__ACTIVITY__
When you print the records below, keep every word exact and leave out the images.

[Collected data entries]
____

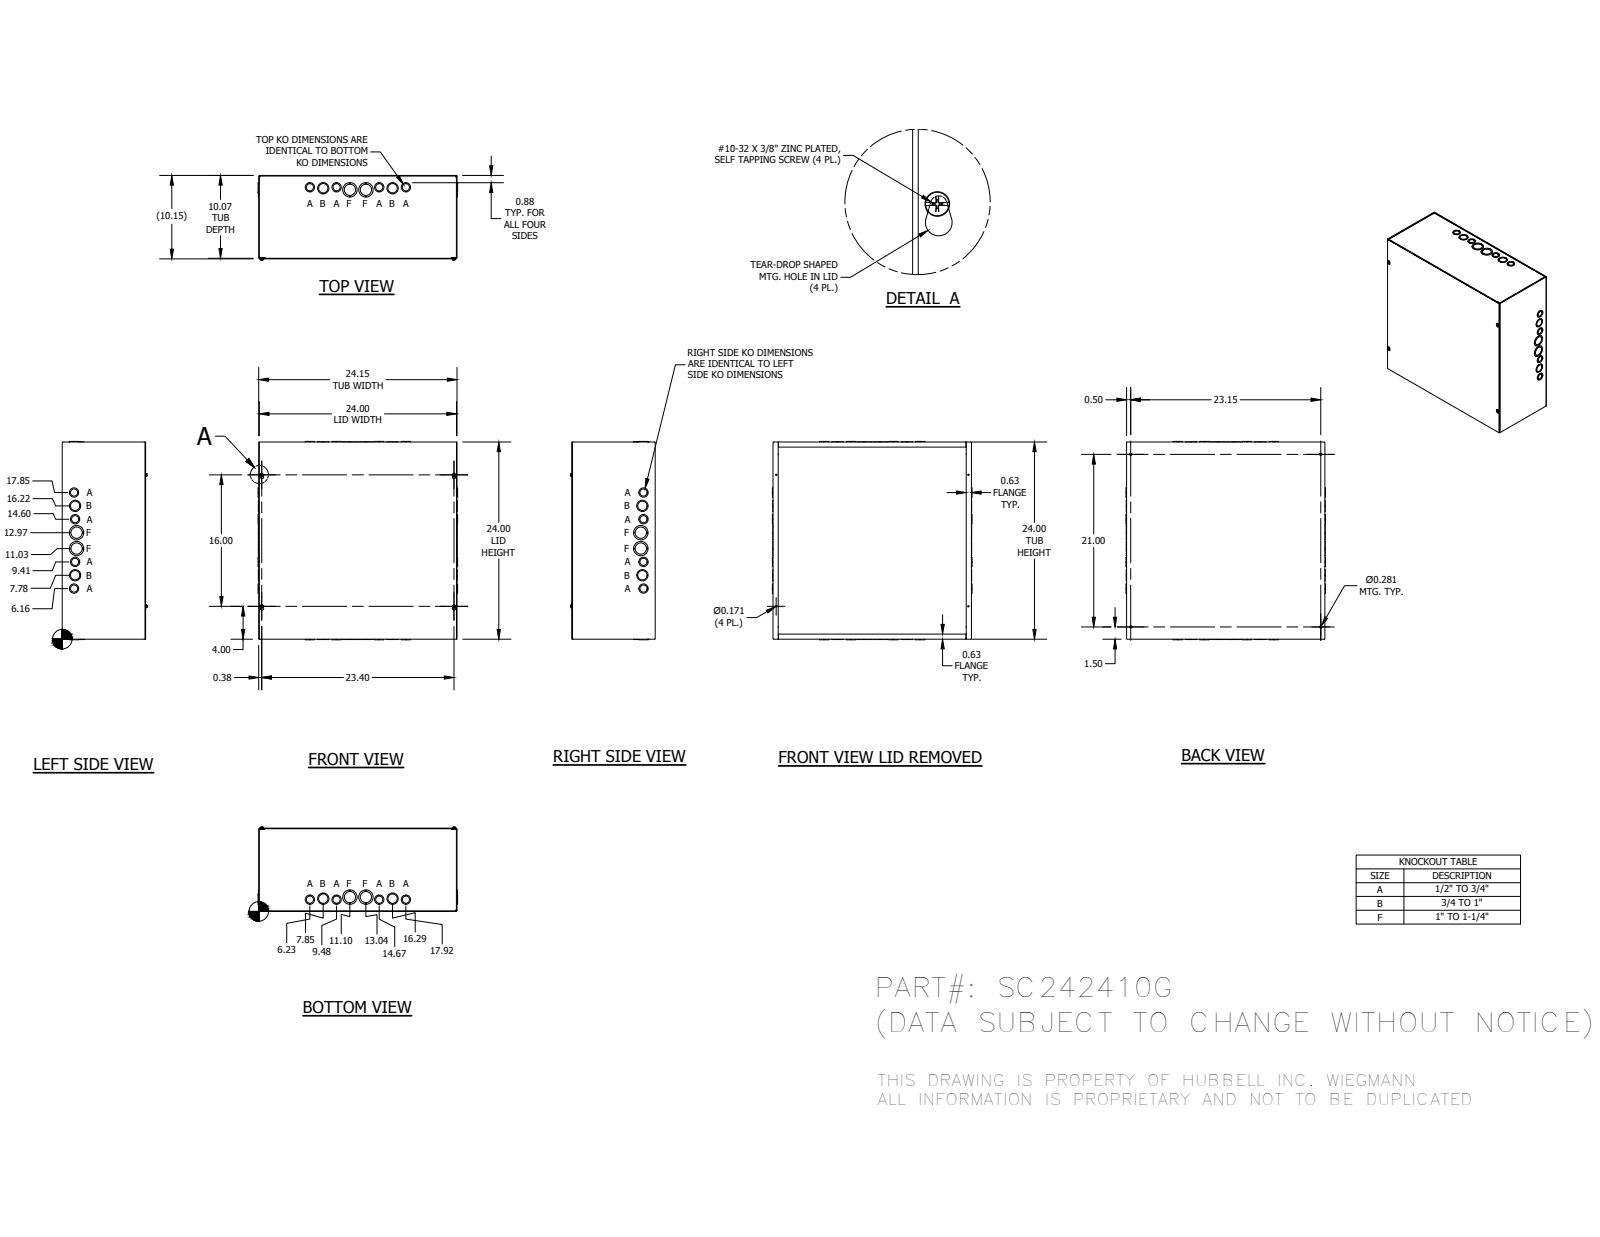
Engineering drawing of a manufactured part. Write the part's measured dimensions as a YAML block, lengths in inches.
part_name: "SC242410GBLR; SC2410GTB; SC2424GLPA; 37214 (+1 more)"
step_written_by: "Autodesk Inventor 2014 (AUTOMOTIVE_DESIGN)"
units: inches
bodies: {solids: 37, faces: 1219, planar: 899, cylindrical: 236, other: 84}
overall_size: [24.296, 24.148, 10.28]
round_holes:
  - {diameter: 1.125, count: 14}
  - {diameter: 0.875, count: 10}
  - {diameter: 1.375, count: 8}
  - {diameter: 0.171, count: 4}
  - {diameter: 0.281, count: 4}
  - {diameter: 1.75, count: 4}
round_bosses_or_shafts:
  - {diameter: 0.19, count: 4}
partial_cylinders:
  - {radius: 0.016, count: 12}
  - {radius: 0.09, count: 12}
  - {radius: 0.125, count: 4}
  - {radius: 0.203, count: 4}
face_to_face_distances: [0.074, 10.074, 10, 10.148, 24, 23.926, 24.074, 24.148, 23.852, 0.148]
hole_center_spacings: [1.63, 1.63, 1.655, 2.503, 3.25, 3.256, 3.579, 4.885]
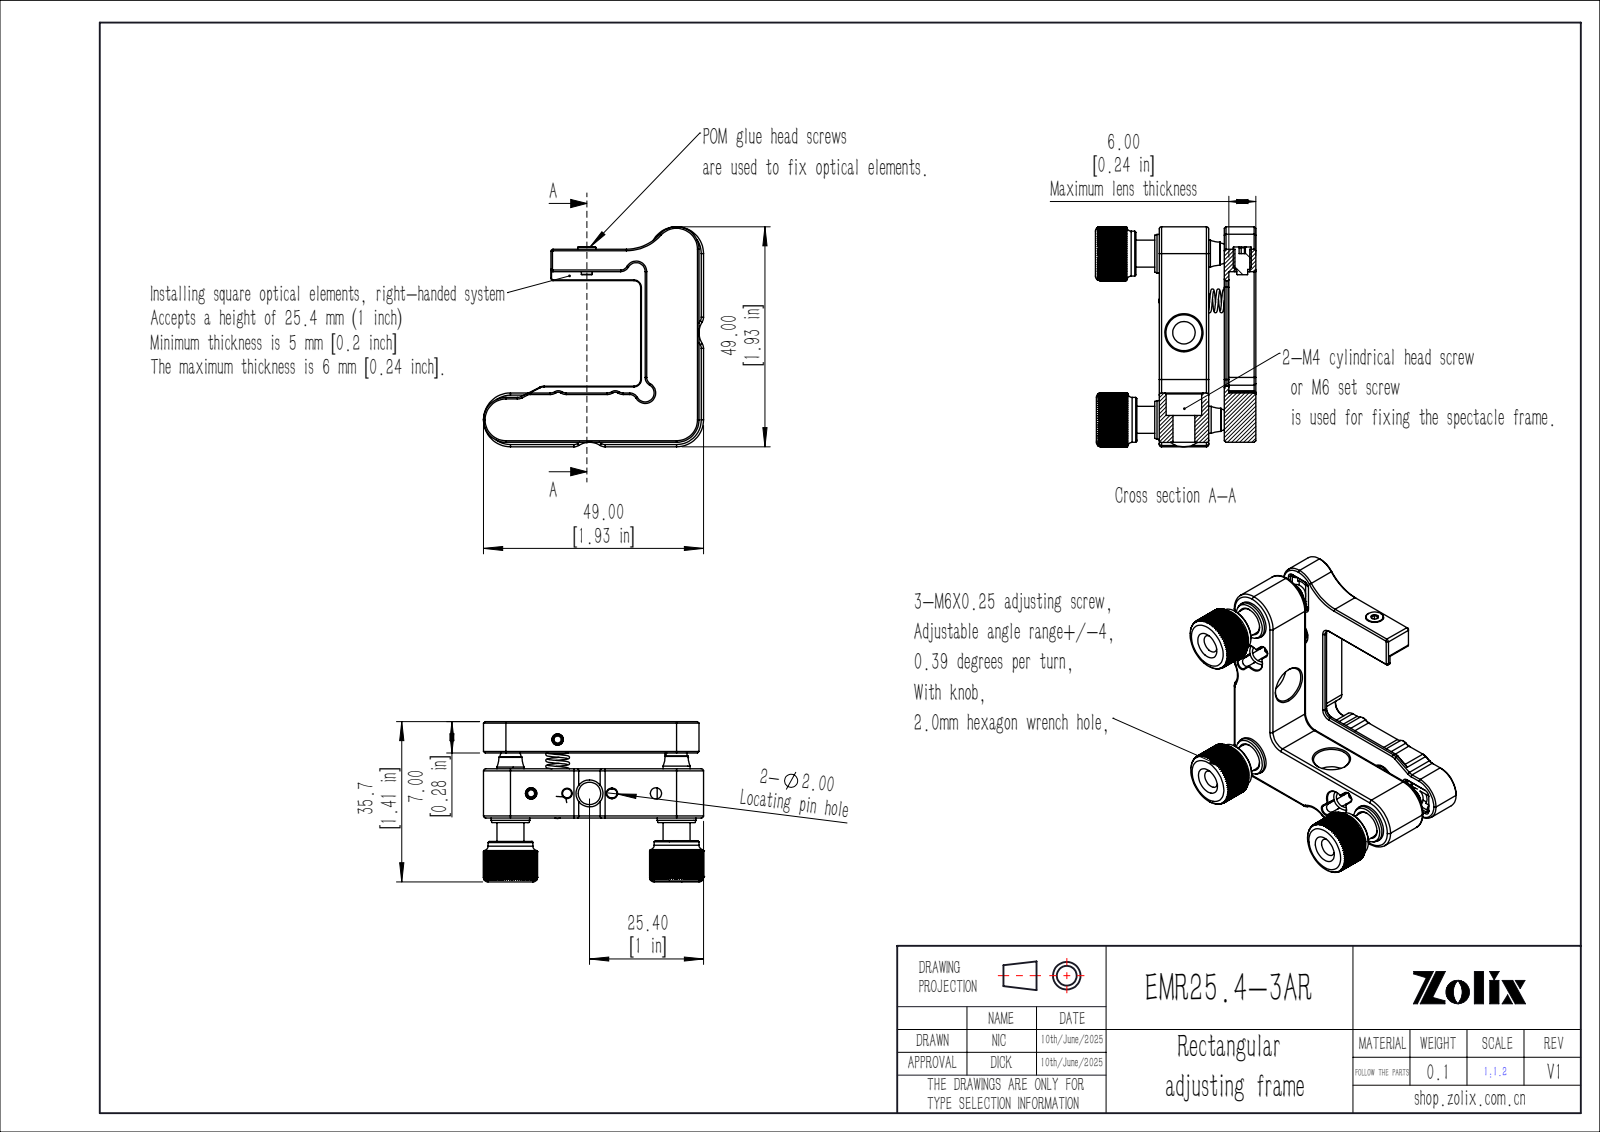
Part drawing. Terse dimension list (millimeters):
name: EMR25.4-3AR
written by: SolidWorks 2020 (CONFIG_CONTROL_DESIGN)
unit: mm
bodies: 0 solids, 1234 faces (623 planar, 379 cylindrical, 232 other)
size: 49 × 49 × 35.71
holes: 4× ⌀6, 3× ⌀4, 3× ⌀9.8, 2× ⌀2, 2× ⌀5, 2× ⌀8, 1× ⌀2.5, 1× ⌀3.3
bosses: 4× ⌀1.5, 3× ⌀10, 3× ⌀8.6, 3× ⌀6, 2× ⌀3, 2× ⌀2, 1× ⌀4, 1× ⌀2.4
rounds: 16× R2, 11× R0.5, 8× R0.8, 4× R1, 4× R1.1, 4× R1.5, 3× R4.75, 3× R6
face distances: 11, 7, 1, 10.5, 3.5, 12, 21.5, 14.5, 5, 8.2
hole spacings: 5, 10.5, 26.5, 37, 45.51, 13.01, 13.72, 14.8
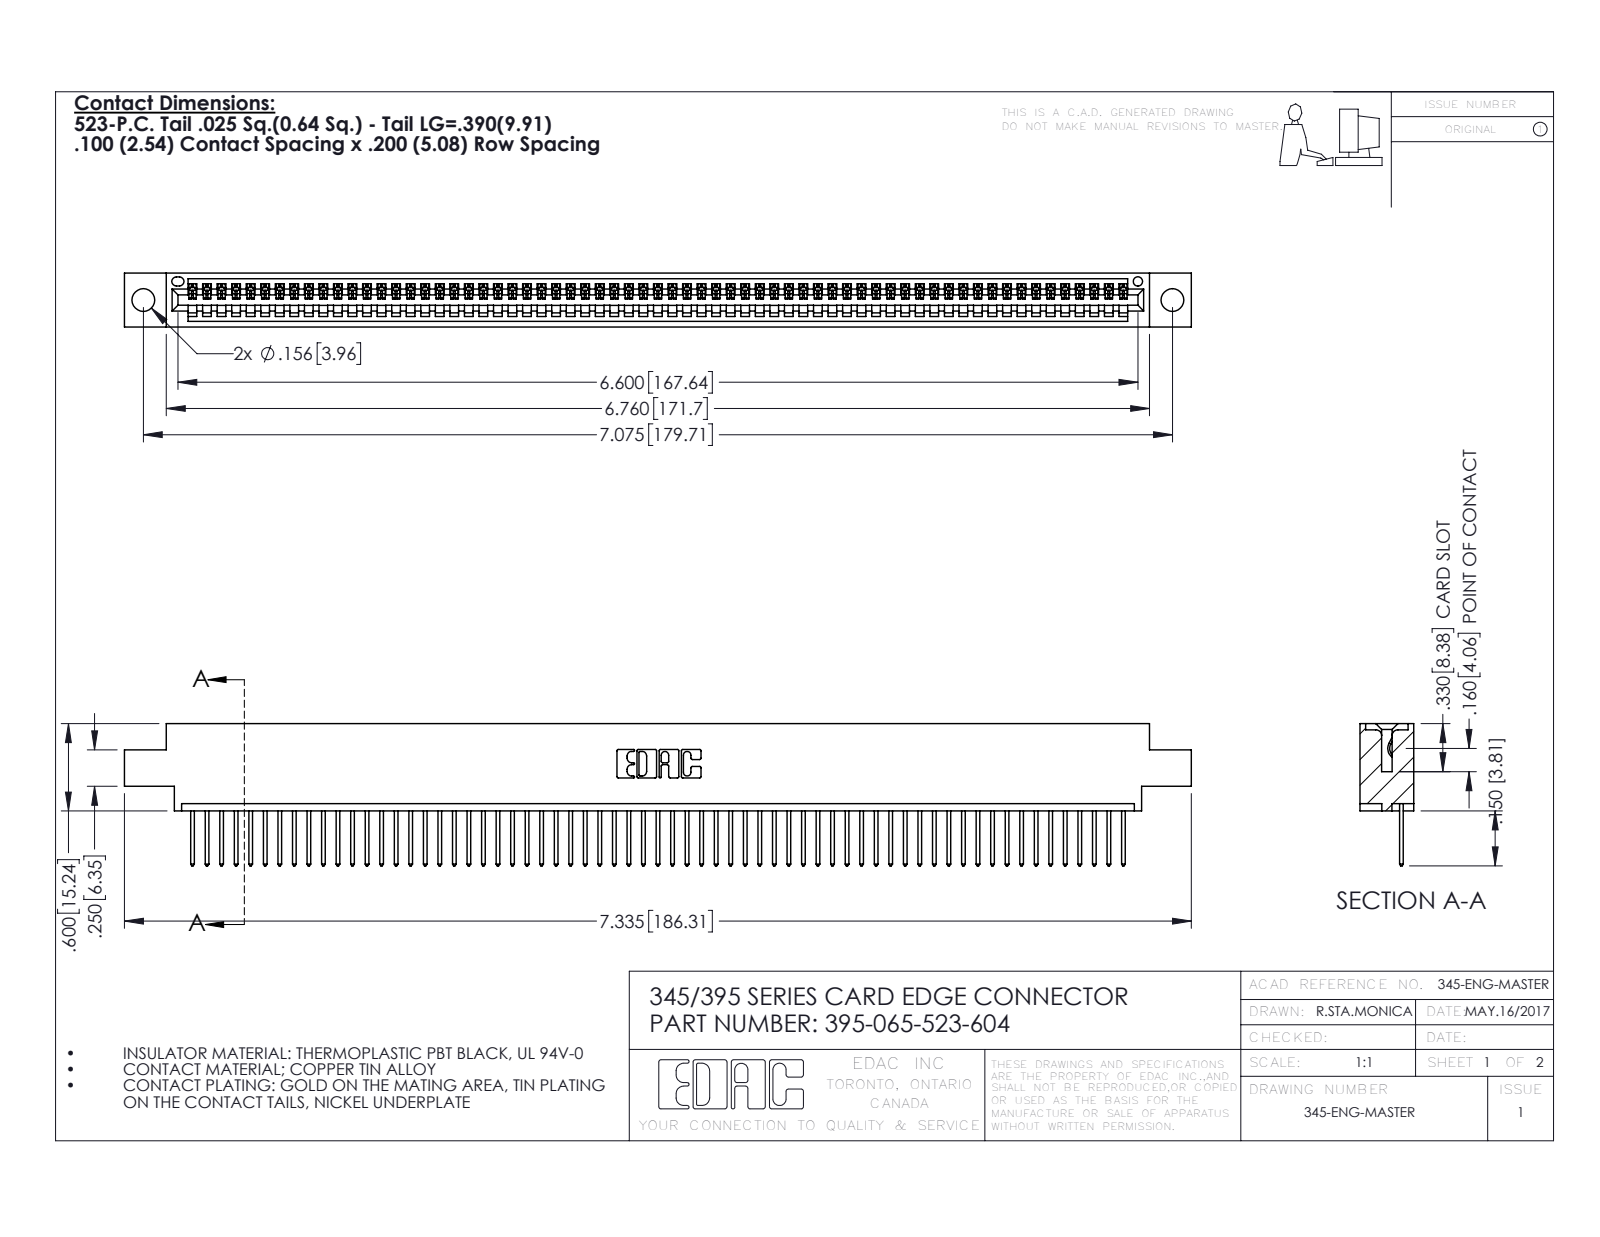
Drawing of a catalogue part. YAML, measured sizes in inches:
part_name: "345 Part_0.170 Offset - 0.156 Dia-TH; 345-292-001_345-293-123; 395-065-523-604"
step_written_by: "SolidWorks 2016 (CONFIG_CONTROL_DESIGN)"
units: inches
bodies: {solids: 66, faces: 3900, planar: 2684, cylindrical: 1216, other: 0}
overall_size: [7.335, 0.977, 0.37]
volume: 1.078
surface_area: 36.87
round_holes:
  - {diameter: 0.156, count: 2}
  - {diameter: 0.064, count: 1}
partial_cylinders:
  - {radius: 0.006, count: 130}
  - {radius: 0.01, count: 130}
  - {radius: 0.01, count: 22}
  - {radius: 0.007, count: 6}
  - {radius: 0.031, count: 6}
  - {radius: 0.026, count: 3}
  - {radius: 0.031, count: 2}
  - {radius: 0.04, count: 2}
face_to_face_distances: [0.298, 0.072, 0.37, 0.098, 0.272, 0.025, 0.2, 0.225, 0.175, 0.149]
hole_center_spacings: [0.27, 6.839, 7.075]

____

__OUTPUT FOR THIS TASK__
Engineering drawing of a manufactured part. Write the part's measured dimensions as a YAML block, lengths in inches.
part_name: "SC242410GBLR; SC2410GTB; SC2424GLPA; 37214 (+1 more)"
step_written_by: "Autodesk Inventor 2014 (AUTOMOTIVE_DESIGN)"
units: inches
bodies: {solids: 37, faces: 1219, planar: 899, cylindrical: 236, other: 84}
overall_size: [24.296, 24.148, 10.28]
round_holes:
  - {diameter: 1.125, count: 14}
  - {diameter: 0.875, count: 10}
  - {diameter: 1.375, count: 8}
  - {diameter: 0.171, count: 4}
  - {diameter: 0.281, count: 4}
  - {diameter: 1.75, count: 4}
round_bosses_or_shafts:
  - {diameter: 0.19, count: 4}
partial_cylinders:
  - {radius: 0.016, count: 12}
  - {radius: 0.09, count: 12}
  - {radius: 0.125, count: 4}
  - {radius: 0.203, count: 4}
face_to_face_distances: [0.074, 10.074, 10, 10.148, 24, 23.926, 24.074, 24.148, 23.852, 0.148]
hole_center_spacings: [1.63, 1.63, 1.655, 2.503, 3.25, 3.256, 3.579, 4.885]
Part drawing. Terse dimension list (millimeters):
name: EMR25.4-3AR
written by: SolidWorks 2020 (CONFIG_CONTROL_DESIGN)
unit: mm
bodies: 0 solids, 1234 faces (623 planar, 379 cylindrical, 232 other)
size: 49 × 49 × 35.71
holes: 4× ⌀6, 3× ⌀4, 3× ⌀9.8, 2× ⌀2, 2× ⌀5, 2× ⌀8, 1× ⌀2.5, 1× ⌀3.3
bosses: 4× ⌀1.5, 3× ⌀10, 3× ⌀8.6, 3× ⌀6, 2× ⌀3, 2× ⌀2, 1× ⌀4, 1× ⌀2.4
rounds: 16× R2, 11× R0.5, 8× R0.8, 4× R1, 4× R1.1, 4× R1.5, 3× R4.75, 3× R6
face distances: 11, 7, 1, 10.5, 3.5, 12, 21.5, 14.5, 5, 8.2
hole spacings: 5, 10.5, 26.5, 37, 45.51, 13.01, 13.72, 14.8
Drawing of a catalogue part. YAML, measured sizes in inches:
part_name: "345 Part_0.170 Offset - 0.156 Dia-TH; 345-292-001_345-293-123; 395-065-523-604"
step_written_by: "SolidWorks 2016 (CONFIG_CONTROL_DESIGN)"
units: inches
bodies: {solids: 66, faces: 3900, planar: 2684, cylindrical: 1216, other: 0}
overall_size: [7.335, 0.977, 0.37]
volume: 1.078
surface_area: 36.87
round_holes:
  - {diameter: 0.156, count: 2}
  - {diameter: 0.064, count: 1}
partial_cylinders:
  - {radius: 0.006, count: 130}
  - {radius: 0.01, count: 130}
  - {radius: 0.01, count: 22}
  - {radius: 0.007, count: 6}
  - {radius: 0.031, count: 6}
  - {radius: 0.026, count: 3}
  - {radius: 0.031, count: 2}
  - {radius: 0.04, count: 2}
face_to_face_distances: [0.298, 0.072, 0.37, 0.098, 0.272, 0.025, 0.2, 0.225, 0.175, 0.149]
hole_center_spacings: [0.27, 6.839, 7.075]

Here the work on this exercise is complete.